Angry Birds Mystery Island is an animated mystery comedy television series based on the Angry Birds video game series by Rovio Entertainment. It revolves around a group of children stranded on a deserted island and their search for a way home. The series was released on Amazon Prime Video under the Amazon Kids+ branding on May 21, 2024.

== Synopsis ==
Angry Birds Mystery Island revolves around four preteens—hatchlings Mia, Rosie, Buddy, and a piglet named Hamylton—who are invited to a free vacation but are instead mistakenly sent to an undiscovered deserted island.

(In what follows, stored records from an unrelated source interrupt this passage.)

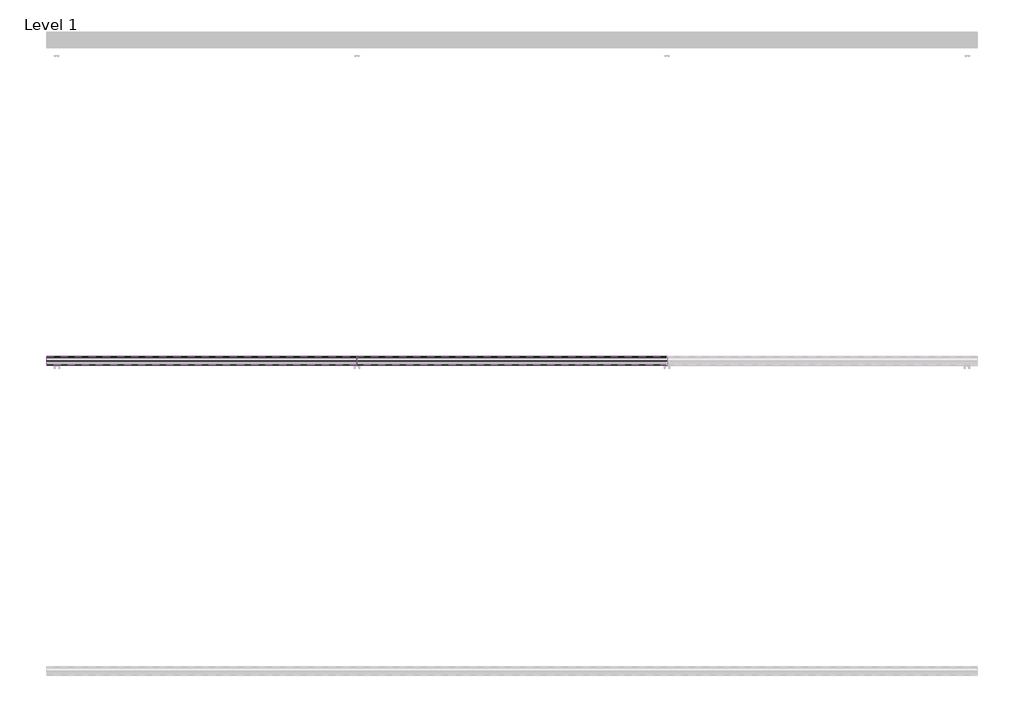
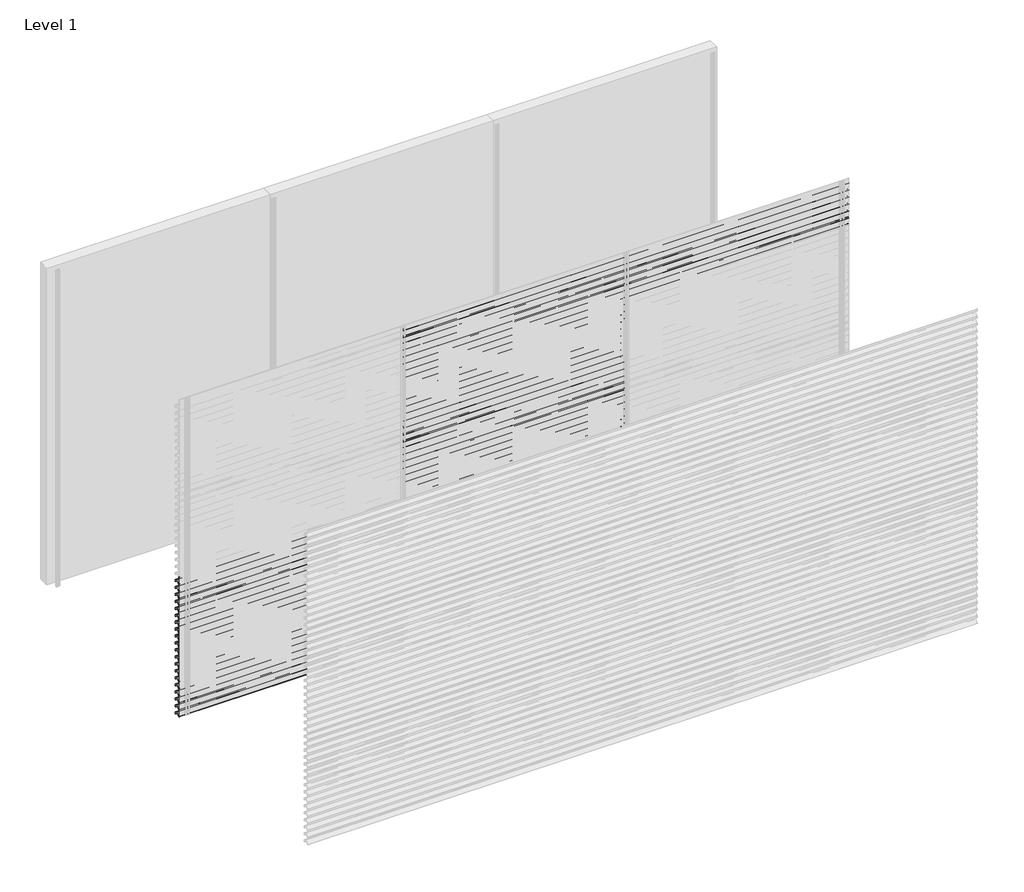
# One storey, part 24 of 27: 71 proxies.
"""IFC4 building model written with IfcOpenShell, lengths in millimetres."""

from ifc_helpers import new_model, si_unit, frame, origin, place, context, project, spatial, polyline, outline, extrude, element, save

model = new_model("IFC4")

# Units and contexts
model_context = context("Model", 3, world=origin())
ifc_project = project(units=[si_unit("LENGTHUNIT", "METRE", prefix="MILLI")], contexts=[model_context])

# Site, building, storey
site = spatial("IfcSite", under=ifc_project)
building = spatial("IfcBuilding", under=site)
storey = spatial("IfcBuildingStorey", under=building, Name="Level 1", Elevation=0.0)

# Proxies
placement = place(None, origin())
element("IfcBuildingElementProxy", 1, Name="Wall Sweeps", at=placement, inside=storey, context=model_context, shape_type="SweptSolid", body=[
    extrude(outline(polyline([(-5943.0, 1263.2), (-5943.0, 1243.5), (-5944.25, 1244.5866084), (-5944.25, 1262.4872415), (-5963.0322086, 1275.6010889), (-5995.1332975, 1243.5), (-5996.0525363, 1244.4192388), (-5964.1148087, 1276.3569665), (-5998.0, 1300.0158044), (-5998.0, 1320.0), (-5996.75, 1320.0), (-5996.75, 1300.7285629), (-5943.0, 1263.2)])), frame((0.0, 0.0, 0.0), z_axis=(1.0, 0.0, 0.0), x_axis=(0.0, 1.0, 0.0)), (0.0, 0.0, 1.0), 2000.0),
])
element("IfcBuildingElementProxy", 2, Name="Wall Sweeps", at=placement, inside=storey, context=model_context, shape_type="SweptSolid", body=[
    extrude(outline(polyline([(-5943.0, 1197.2), (-5943.0, 1177.5), (-5944.25, 1178.5866084), (-5944.25, 1196.4872415), (-5963.0322086, 1209.6010889), (-5995.1332975, 1177.5), (-5996.0525363, 1178.4192388), (-5964.1148087, 1210.3569665), (-5998.0, 1234.0158044), (-5998.0, 1254.0), (-5996.75, 1254.0), (-5996.75, 1234.7285629), (-5943.0, 1197.2)])), frame((0.0, 0.0, 0.0), z_axis=(1.0, 0.0, 0.0), x_axis=(0.0, 1.0, 0.0)), (0.0, 0.0, 1.0), 2000.0),
])
element("IfcBuildingElementProxy", 3, Name="Wall Sweeps", at=placement, inside=storey, context=model_context, shape_type="SweptSolid", body=[
    extrude(outline(polyline([(-5943.0, 1131.2), (-5943.0, 1111.5), (-5944.25, 1112.5866084), (-5944.25, 1130.4872415), (-5963.0322086, 1143.6010889), (-5995.1332975, 1111.5), (-5996.0525363, 1112.4192388), (-5964.1148087, 1144.3569665), (-5998.0, 1168.0158044), (-5998.0, 1188.0), (-5996.75, 1188.0), (-5996.75, 1168.7285629), (-5943.0, 1131.2)])), frame((0.0, 0.0, 0.0), z_axis=(1.0, 0.0, 0.0), x_axis=(0.0, 1.0, 0.0)), (0.0, 0.0, 1.0), 2000.0),
])
element("IfcBuildingElementProxy", 4, Name="Wall Sweeps", at=placement, inside=storey, context=model_context, shape_type="SweptSolid", body=[
    extrude(outline(polyline([(-5943.0, 1065.2), (-5943.0, 1045.5), (-5944.25, 1046.5866084), (-5944.25, 1064.4872415), (-5963.0322086, 1077.6010889), (-5995.1332975, 1045.5), (-5996.0525363, 1046.4192388), (-5964.1148087, 1078.3569665), (-5998.0, 1102.0158044), (-5998.0, 1122.0), (-5996.75, 1122.0), (-5996.75, 1102.7285629), (-5943.0, 1065.2)])), frame((0.0, 0.0, 0.0), z_axis=(1.0, 0.0, 0.0), x_axis=(0.0, 1.0, 0.0)), (0.0, 0.0, 1.0), 2000.0),
])
element("IfcBuildingElementProxy", 5, Name="Wall Sweeps", at=placement, inside=storey, context=model_context, shape_type="SweptSolid", body=[
    extrude(outline(polyline([(-5943.0, 999.2), (-5943.0, 979.5), (-5944.25, 980.5866084), (-5944.25, 998.4872415), (-5963.0322086, 1011.6010889), (-5995.1332975, 979.5), (-5996.0525363, 980.4192388), (-5964.1148087, 1012.3569665), (-5998.0, 1036.0158044), (-5998.0, 1056.0), (-5996.75, 1056.0), (-5996.75, 1036.7285629), (-5943.0, 999.2)])), frame((0.0, 0.0, 0.0), z_axis=(1.0, 0.0, 0.0), x_axis=(0.0, 1.0, 0.0)), (0.0, 0.0, 1.0), 2000.0),
])
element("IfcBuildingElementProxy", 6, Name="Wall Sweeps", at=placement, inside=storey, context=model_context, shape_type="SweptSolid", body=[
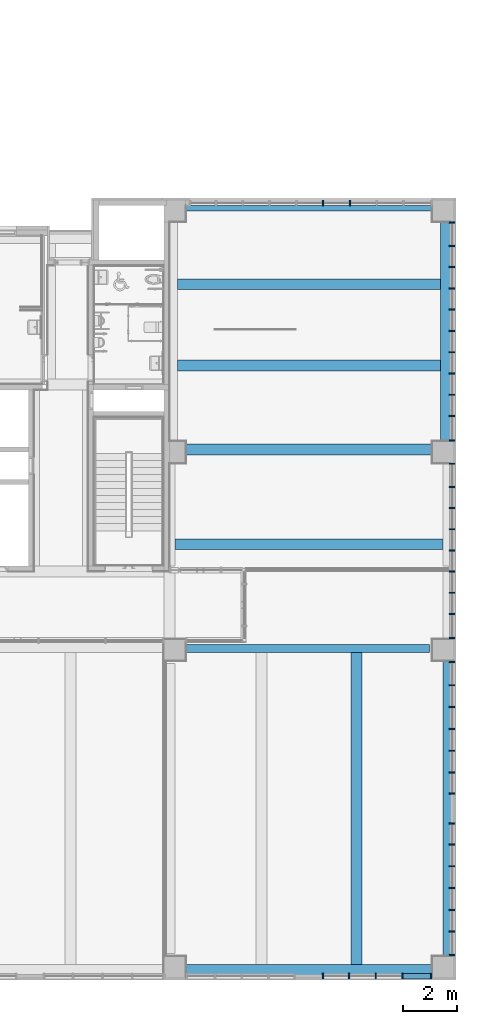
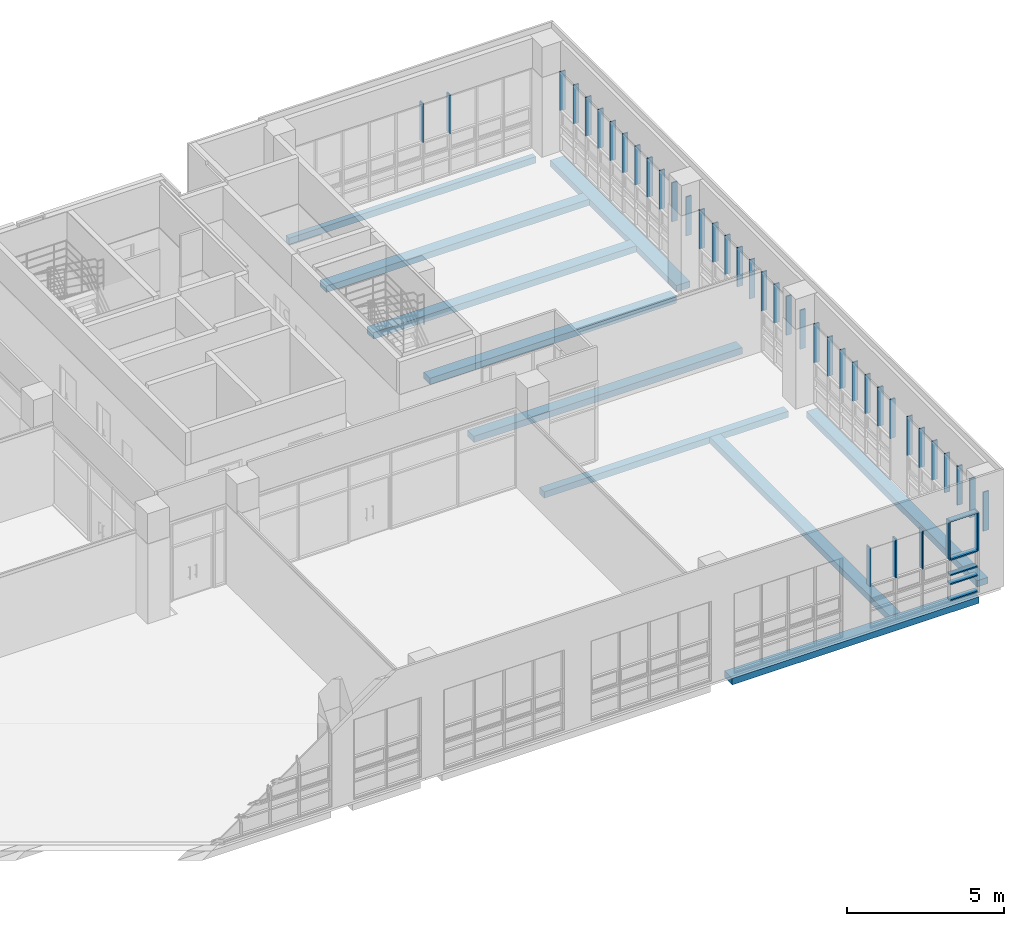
# One storey, part 9 of 74: 46 members, 10 beams, 6 elements without a shape of their own.
"""IFC2X3 building model written with IfcOpenShell, lengths in millimetres."""

import ifcopenshell
import ifcopenshell.guid

model = None  # the IFC model being written
_history = None  # IfcOwnerHistory: only IFC2X3 demands one
_inside = {}  # id of a spatial element -> (the spatial element, [elements in it])
_under = {}  # id of a project, library or spatial element -> (it, [spatial elements below it])
_declared = {}  # id of a project -> (the project, [libraries it declares])
_typed = {}  # id of a type object -> (the type object, [elements of that type])
_made_of = {}  # id of a material, layer set ... -> (it, [elements and type objects made of it])


def new_model(schema):
    """Start an empty IFC model of exactly this schema.

    Asked for "IFC4X3", IfcOpenShell would pick the latest addendum, in which some entities
    have other attributes; the version numbers below select the first issue.
    IFC2X3 requires an IfcOwnerHistory on every rooted entity: one is made here for all.
    """
    global model, _history
    if schema == "IFC4X3":
        model = ifcopenshell.file(schema_version=(4, 3, 0, 0))
    else:
        model = ifcopenshell.file(schema=schema)
    _inside.clear()
    _under.clear()
    _declared.clear()
    _typed.clear()
    _made_of.clear()
    _history = None
    if model.schema == "IFC2X3":
        org = make("IfcOrganization", Name="unknown")
        user = make(
            "IfcPersonAndOrganization",
            ThePerson=make("IfcPerson", FamilyName="unknown"),
            TheOrganization=org,
        )
        app = make(
            "IfcApplication",
            ApplicationDeveloper=org,
            Version="unknown",
            ApplicationFullName="unknown",
            ApplicationIdentifier="unknown",
        )
        _history = make(
            "IfcOwnerHistory",
            OwningUser=user,
            OwningApplication=app,
            ChangeAction="ADDED",
            CreationDate=0,
        )
    return model


def make(cls, **values):
    """One entity of the class cls with the attributes given. An attribute that is None is left unset."""
    return model.create_entity(
        cls, **{name: value for name, value in values.items() if value is not None}
    )


def entity(cls, *values):
    """Any entity or typed value of the class cls, its attributes in the order of the schema. None: left unset."""
    e = model.create_entity(cls)
    for i, value in enumerate(values):
        if value is not None:
            e[i] = value
    return e


def rooted(cls, **values):
    """An entity with a GlobalId (a new one), such as an element, a storey or a relation."""
    return make(cls, GlobalId=ifcopenshell.guid.new(), OwnerHistory=_history, **values)


def si_unit(unit_type, name, prefix=None):
    """IfcSIUnit, for example si_unit("LENGTHUNIT", "METRE", prefix="MILLI")."""
    return make("IfcSIUnit", UnitType=unit_type, Prefix=prefix, Name=name)


def converted_unit(unit_type, name, factor, base, dimensions=None, offset=None):
    """IfcConversionBasedUnit, such as the inch: factor (a typed value) times the base unit."""
    return make(
        "IfcConversionBasedUnit"
        if offset is None
        else "IfcConversionBasedUnitWithOffset",
        ConversionOffset=offset,
        Dimensions=None
        if dimensions is None
        else entity("IfcDimensionalExponents", *dimensions),
        UnitType=unit_type,
        Name=name,
        ConversionFactor=make(
            "IfcMeasureWithUnit", ValueComponent=factor, UnitComponent=base
        ),
    )


def derived_unit(unit_type, elements):
    """IfcDerivedUnit: a product of units, each with its exponent."""
    return make(
        "IfcDerivedUnit",
        Elements=[
            make("IfcDerivedUnitElement", Unit=unit, Exponent=power)
            for unit, power in elements
        ],
        UnitType=unit_type,
    )


def assignment(units):
    """IfcUnitAssignment: the units of a project."""
    return None if units is None else make("IfcUnitAssignment", Units=units)


def point(xyz):
    """IfcCartesianPoint."""
    return None if xyz is None else make("IfcCartesianPoint", Coordinates=xyz)


def direction(xyz):
    """IfcDirection."""
    return None if xyz is None else make("IfcDirection", DirectionRatios=xyz)


def frame(location, z_axis=None, x_axis=None):
    """IfcAxis2Placement3D, a coordinate frame: its origin and axes. An axis left out is left unset."""
    return make(
        "IfcAxis2Placement3D",
        Location=point(location),
        Axis=direction(z_axis),
        RefDirection=direction(x_axis),
    )


def frame_2d(location, x_axis=None):
    """IfcAxis2Placement2D, a coordinate frame in the plane: its origin and x axis."""
    return make(
        "IfcAxis2Placement2D", Location=point(location), RefDirection=direction(x_axis)
    )


def origin():
    """The frame at (0, 0, 0) with its axes left unset."""
    return frame((0.0, 0.0, 0.0))


def origin_2d_with_axis():
    """The frame at (0, 0) in the plane with the x axis (1, 0) written out."""
    return frame_2d((0.0, 0.0), x_axis=(1.0, 0.0))


def place(relative_to, where):
    """IfcLocalPlacement: puts the frame where relative to a parent placement (None: the world)."""
    return make(
        "IfcLocalPlacement", PlacementRelTo=relative_to, RelativePlacement=where
    )


def context(
    kind, dimensions, precision=None, world=None, true_north=None, identifier=None
):
    """IfcGeometricRepresentationContext, for example the 3D "Model" context."""
    return make(
        "IfcGeometricRepresentationContext",
        ContextIdentifier=identifier,
        ContextType=kind,
        CoordinateSpaceDimension=dimensions,
        Precision=precision,
        WorldCoordinateSystem=world,
        TrueNorth=true_north,
    )


def subcontext(parent, identifier, kind, view, scale=None):
    """IfcGeometricRepresentationSubContext, for example "Body" below "Model"."""
    return make(
        "IfcGeometricRepresentationSubContext",
        ContextIdentifier=identifier,
        ContextType=kind,
        ParentContext=parent,
        TargetScale=scale,
        TargetView=view,
    )


def project(units=None, contexts=None):
    """IfcProject with its units and contexts."""
    return rooted(
        "IfcProject",
        Name="project",
        RepresentationContexts=contexts,
        UnitsInContext=assignment(units),
    )


def spatial(cls, under=None, at=None, **own):
    """A site, building, storey or space (cls), placed at a placement, below another one or the project."""
    s = rooted(cls, ObjectPlacement=at, **own)
    if under is not None:
        _under.setdefault(under.id(), (under, []))[1].append(s)
    return s


def profile(cls, at=None, kind="AREA", **sizes):
    """A parametric profile (cls). Its sizes go by their IFC names, for example OverallWidth=200.0."""
    return make(cls, ProfileType=kind, Position=at, **sizes)


def rectangle(**sizes):
    """IfcRectangleProfileDef."""
    return profile("IfcRectangleProfileDef", **sizes)


def extrude(swept, where, along, depth):
    """IfcExtrudedAreaSolid: the profile swept, set in the frame where, extruded along a direction by depth."""
    return make(
        "IfcExtrudedAreaSolid",
        SweptArea=swept,
        Position=where,
        ExtrudedDirection=direction(along),
        Depth=depth,
    )


def shape(context_of_items, identifier, shape_type, items):
    """IfcShapeRepresentation: the items that make up one representation, for example the "Body"."""
    return make(
        "IfcShapeRepresentation",
        ContextOfItems=context_of_items,
        RepresentationIdentifier=identifier,
        RepresentationType=shape_type,
        Items=items,
    )


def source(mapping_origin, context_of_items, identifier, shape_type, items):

They are left to explore the island and try to get back home by solving mysteries as a team.

== Voice cast ==
- Harvey Guillén as Buddy
- Kate Micucci as Mia
- Dominic Monaghan as Hamylton
- Nasim Pedrad as Rosie

=== Guest ===
- Black Thought as Bat-Bat
- Ernie Hudson as Marlon
- Dee Bradley Baker as Jok-al / Wormzinger / Aardvark / Egg / Ice Boar / Incid Ape
- Roger Craig Smith as Tree Frog / Incid Ape / Play-N-Say
- Kari Wahlgren as Laura Palmtree / Bird #1 / Bird #2 / Bird #3 / Pig Cart Vendor / Pig Student #1 / Pig Student #2 / Punk Rock Pig Nancy
- Avril Lavigne as Tuba
- Jinkx Monsoon as Hera
- Morgan Dufour as Chester
- John DiMaggio as Scottish Pig
- Greg Ellis as Pig in Suit / Pig Student #3 / Punk Rock Pig Sid

== Episodes ==

| No. | Title | Directed by | Written by | Original release date |
| 1 | "Go for Launch!" | Andrew Wilson | Eric Rogers | May 21, 2024 |
| 2 | "Gim(Mia) Shelter" | Mckenzie "Mac" Kerman | Eric Rogers | May 21, 2024 |
| 3 | "The Egg-splorers" | Gary Ye | Eric Rogers | May 21, 2024 |
| 4 | "The Worm Turns" | Andrew Wilson | Eric Rogers | May 21, 2024 |
| 5 | "Phone-y Business" | Gary Ye | Eric Rogers | May 21, 2024 |
| 6 | "Truffled Feathers" | Andrew Wilson | Eric Rogers | May 21, 2024 |
| 7 | "On Island Time" | Perin Mclean & Gary Ye | Amy Schwartz Messina | May 21, 2024 |
| 8 | "Chums in the Water" | Mckenzie "Mac" Kerman | Eric Rogers | May 21, 2024 |
| 9 | "The Bat-Bat" | Mckenzie "Mac" Kerman | Dave Rapp | August 20, 2024 |
| 10 | "Squid Gang" | Andrew Wilson | Josh Haber | August 20, 2024 |
| 11 | "Twin Beaks" | Mckenzie "Mac" Kerman | Alana Liu Moskowitz | August 20, 2024 |
| 12 | "A-squawk-alypse Now" | Andrew Wilson | Eric Rogers | August 20, 2024 |
| 13 | "Swamp Things" | Perin Mclean | Louis Mendiola | August 20, 2024 |
| 14 | "The Clone Boars" | Andrew Wilson | Shannon McClung | August 20, 2024 |
| 15 | "Bird & Magic" | Perin Mclean & Gary Ye | Eric Rogers | August 20, 2024 |
| 16 | "Crazy Little Thing Called Lava" | Mckenzie "Mac" Kerman | Eric Rogers | August 20, 2024 |
| 17 | "The Hangry Games" | Mckenzie "Mac" Kerman | Meg Favreau | December 3, 2024 |
| 18 | "Woolly Bully" | Perin Mclean | Josh Haber | December 3, 2024 |
| 19 | "Plantains of the Apes" | Andrew Wilson | Eric Rogers | December 3, 2024 |
| 20 | "Hatch Day" | Mckenzie "Mac" Kerman | Amy Schwartz Messina | December 3, 2024 |
| 21 | "Rocket Plan" | Andrew Wilson | Dave Rapp | December 3, 2024 |
| 22 | "Don't Go Misplacin' Waterfalls" | Perin Mclean | Alana Liu Moskowitz | December 3, 2024 |
| 23 | "Homework: Finale" | Mckenzie "Mac" Kerman | Eric Rogers | December 3, 2024 |
| 24 | Perin Mclean |

== Production ==
The series was announced on June 6, 2023, as a partnership between Rovio Entertainment and Amazon, with Eric Rogers serving as showrunner and head writer, as well as executive producing alongside Chris Prynoski, Shannon Prynoski, Antonio Canobbio and Ben Kalina of Titmouse, Inc.

== Release ==
The first 8 episodes were released on May 21, 2024, with 24 episodes set to be released in total. The second batch of the series was released on August 20, 2024. The third batch was released on December 3, 2024.